Work order
Return exactly the lines of the records below, starting at the line that contains "import ezdxf" and ending at the line that contains "doc.units = 0", with both of those lines kept.

Record set
*** Block opens ***
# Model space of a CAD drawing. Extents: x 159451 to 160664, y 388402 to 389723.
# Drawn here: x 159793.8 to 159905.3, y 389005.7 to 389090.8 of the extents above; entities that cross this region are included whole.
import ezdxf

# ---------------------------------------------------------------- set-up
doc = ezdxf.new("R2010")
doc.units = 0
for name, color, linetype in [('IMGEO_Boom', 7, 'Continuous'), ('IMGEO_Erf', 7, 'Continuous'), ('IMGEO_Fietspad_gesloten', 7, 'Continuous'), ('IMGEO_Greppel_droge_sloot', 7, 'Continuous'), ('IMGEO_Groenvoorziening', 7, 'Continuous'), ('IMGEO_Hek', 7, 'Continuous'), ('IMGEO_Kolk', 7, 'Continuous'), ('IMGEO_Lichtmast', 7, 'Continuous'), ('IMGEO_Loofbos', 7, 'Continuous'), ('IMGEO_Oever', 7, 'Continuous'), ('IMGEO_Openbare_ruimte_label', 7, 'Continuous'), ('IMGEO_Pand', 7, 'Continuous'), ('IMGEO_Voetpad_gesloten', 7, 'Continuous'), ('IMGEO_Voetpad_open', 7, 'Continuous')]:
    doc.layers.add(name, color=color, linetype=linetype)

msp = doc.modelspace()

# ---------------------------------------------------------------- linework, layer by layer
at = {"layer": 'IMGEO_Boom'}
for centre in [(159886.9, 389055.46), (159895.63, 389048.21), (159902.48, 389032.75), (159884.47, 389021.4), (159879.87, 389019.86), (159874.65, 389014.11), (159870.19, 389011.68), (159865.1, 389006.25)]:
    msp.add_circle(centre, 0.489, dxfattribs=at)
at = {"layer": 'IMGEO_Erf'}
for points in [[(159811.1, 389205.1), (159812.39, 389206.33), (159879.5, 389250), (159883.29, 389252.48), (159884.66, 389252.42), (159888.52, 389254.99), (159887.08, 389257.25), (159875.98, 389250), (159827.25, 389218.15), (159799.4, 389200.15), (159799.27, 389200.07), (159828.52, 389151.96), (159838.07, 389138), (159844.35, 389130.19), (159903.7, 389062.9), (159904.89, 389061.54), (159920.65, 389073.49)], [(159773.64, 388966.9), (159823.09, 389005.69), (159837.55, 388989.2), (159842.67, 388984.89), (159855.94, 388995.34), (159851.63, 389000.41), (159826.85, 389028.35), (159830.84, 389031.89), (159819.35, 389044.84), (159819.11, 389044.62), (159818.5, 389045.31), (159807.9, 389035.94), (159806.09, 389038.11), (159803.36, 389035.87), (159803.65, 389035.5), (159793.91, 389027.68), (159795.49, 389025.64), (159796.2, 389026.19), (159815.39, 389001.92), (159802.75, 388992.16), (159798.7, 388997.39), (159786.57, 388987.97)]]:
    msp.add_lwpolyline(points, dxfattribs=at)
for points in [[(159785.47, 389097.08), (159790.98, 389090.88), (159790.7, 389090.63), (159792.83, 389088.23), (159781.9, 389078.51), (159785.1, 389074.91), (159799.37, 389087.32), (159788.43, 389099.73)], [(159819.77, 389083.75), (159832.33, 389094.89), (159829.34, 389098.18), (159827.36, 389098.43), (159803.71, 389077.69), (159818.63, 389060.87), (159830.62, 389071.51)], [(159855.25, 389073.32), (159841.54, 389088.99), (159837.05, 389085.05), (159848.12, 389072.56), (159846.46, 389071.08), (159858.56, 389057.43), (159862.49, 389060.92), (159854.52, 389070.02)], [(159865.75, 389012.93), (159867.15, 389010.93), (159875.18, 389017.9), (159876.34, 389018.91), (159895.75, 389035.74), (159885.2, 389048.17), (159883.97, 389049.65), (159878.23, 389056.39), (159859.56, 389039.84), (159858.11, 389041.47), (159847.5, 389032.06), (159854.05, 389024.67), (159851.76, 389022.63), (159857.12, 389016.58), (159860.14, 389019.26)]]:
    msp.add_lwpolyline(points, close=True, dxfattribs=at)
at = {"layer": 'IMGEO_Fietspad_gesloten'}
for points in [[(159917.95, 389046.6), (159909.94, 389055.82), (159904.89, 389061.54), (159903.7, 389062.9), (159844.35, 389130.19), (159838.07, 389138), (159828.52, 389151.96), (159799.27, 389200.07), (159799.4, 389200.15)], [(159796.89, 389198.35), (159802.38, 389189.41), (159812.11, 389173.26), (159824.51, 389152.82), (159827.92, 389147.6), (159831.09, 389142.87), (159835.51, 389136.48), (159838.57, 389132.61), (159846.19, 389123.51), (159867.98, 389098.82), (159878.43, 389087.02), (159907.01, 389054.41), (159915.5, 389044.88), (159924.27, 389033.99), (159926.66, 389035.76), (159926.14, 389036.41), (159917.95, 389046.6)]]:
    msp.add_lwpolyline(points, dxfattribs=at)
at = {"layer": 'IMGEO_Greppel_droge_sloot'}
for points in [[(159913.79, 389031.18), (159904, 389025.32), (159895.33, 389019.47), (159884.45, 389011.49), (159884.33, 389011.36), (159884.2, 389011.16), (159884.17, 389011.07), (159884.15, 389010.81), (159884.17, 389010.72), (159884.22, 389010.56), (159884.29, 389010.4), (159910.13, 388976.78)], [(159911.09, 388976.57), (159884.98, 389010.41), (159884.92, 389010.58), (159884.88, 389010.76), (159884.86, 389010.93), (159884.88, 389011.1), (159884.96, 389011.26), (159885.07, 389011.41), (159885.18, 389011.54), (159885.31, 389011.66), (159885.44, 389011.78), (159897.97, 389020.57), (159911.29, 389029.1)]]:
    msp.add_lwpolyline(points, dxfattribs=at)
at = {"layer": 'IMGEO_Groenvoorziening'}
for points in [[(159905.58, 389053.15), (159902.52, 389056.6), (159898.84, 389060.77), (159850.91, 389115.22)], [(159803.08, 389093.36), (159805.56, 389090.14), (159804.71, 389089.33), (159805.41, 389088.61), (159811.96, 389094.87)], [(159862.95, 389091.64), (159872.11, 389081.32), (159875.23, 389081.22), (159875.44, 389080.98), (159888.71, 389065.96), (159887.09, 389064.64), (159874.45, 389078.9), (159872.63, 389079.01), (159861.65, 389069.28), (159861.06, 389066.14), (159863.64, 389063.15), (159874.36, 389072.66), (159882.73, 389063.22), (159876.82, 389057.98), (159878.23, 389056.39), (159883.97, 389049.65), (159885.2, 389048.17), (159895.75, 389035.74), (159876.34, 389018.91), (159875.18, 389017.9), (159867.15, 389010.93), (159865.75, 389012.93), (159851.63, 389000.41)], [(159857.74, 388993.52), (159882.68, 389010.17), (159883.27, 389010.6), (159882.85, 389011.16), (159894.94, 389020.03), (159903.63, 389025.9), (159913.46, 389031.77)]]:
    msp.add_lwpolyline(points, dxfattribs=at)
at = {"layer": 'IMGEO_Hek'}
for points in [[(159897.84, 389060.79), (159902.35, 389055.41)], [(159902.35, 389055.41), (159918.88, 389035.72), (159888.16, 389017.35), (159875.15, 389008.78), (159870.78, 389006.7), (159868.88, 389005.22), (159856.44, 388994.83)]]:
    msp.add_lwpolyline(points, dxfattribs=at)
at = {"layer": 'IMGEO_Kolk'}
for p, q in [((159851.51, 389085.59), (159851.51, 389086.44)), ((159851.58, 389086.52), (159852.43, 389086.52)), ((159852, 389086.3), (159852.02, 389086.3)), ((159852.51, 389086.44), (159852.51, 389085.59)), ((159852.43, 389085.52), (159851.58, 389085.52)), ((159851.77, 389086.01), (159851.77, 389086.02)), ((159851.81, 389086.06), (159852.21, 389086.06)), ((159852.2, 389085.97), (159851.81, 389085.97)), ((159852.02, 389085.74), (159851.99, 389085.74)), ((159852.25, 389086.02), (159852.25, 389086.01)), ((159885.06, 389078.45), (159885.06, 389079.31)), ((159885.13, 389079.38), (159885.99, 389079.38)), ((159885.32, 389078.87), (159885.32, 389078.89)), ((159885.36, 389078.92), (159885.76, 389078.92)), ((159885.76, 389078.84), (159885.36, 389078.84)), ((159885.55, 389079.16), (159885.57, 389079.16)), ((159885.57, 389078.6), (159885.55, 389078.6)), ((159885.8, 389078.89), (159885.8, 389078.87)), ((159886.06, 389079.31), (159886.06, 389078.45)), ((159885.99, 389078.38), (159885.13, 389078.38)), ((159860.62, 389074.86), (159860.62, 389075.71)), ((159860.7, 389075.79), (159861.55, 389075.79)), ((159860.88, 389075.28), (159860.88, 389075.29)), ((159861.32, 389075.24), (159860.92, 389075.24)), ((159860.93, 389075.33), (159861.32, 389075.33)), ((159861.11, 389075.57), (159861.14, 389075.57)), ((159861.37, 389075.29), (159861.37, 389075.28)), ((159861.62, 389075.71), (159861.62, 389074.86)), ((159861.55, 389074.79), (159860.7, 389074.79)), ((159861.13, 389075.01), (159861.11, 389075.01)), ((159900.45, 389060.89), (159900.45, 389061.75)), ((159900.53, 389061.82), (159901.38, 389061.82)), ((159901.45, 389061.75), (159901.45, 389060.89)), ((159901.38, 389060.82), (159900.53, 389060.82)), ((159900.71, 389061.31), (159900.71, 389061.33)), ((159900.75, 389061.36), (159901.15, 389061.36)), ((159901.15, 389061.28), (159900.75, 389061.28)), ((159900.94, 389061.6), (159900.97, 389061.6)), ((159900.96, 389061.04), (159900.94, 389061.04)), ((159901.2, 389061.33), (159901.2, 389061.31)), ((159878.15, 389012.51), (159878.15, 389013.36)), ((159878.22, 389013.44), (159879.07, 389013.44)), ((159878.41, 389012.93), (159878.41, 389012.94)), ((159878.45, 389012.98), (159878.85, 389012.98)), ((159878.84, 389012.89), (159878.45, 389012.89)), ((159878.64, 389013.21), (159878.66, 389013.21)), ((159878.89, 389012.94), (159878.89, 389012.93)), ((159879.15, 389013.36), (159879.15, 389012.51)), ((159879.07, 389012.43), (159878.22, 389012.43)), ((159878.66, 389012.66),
*** Block closes ***
The completed task
import ezdxf

# ---------------------------------------------------------------- set-up
doc = ezdxf.new("R2010")
doc.units = 0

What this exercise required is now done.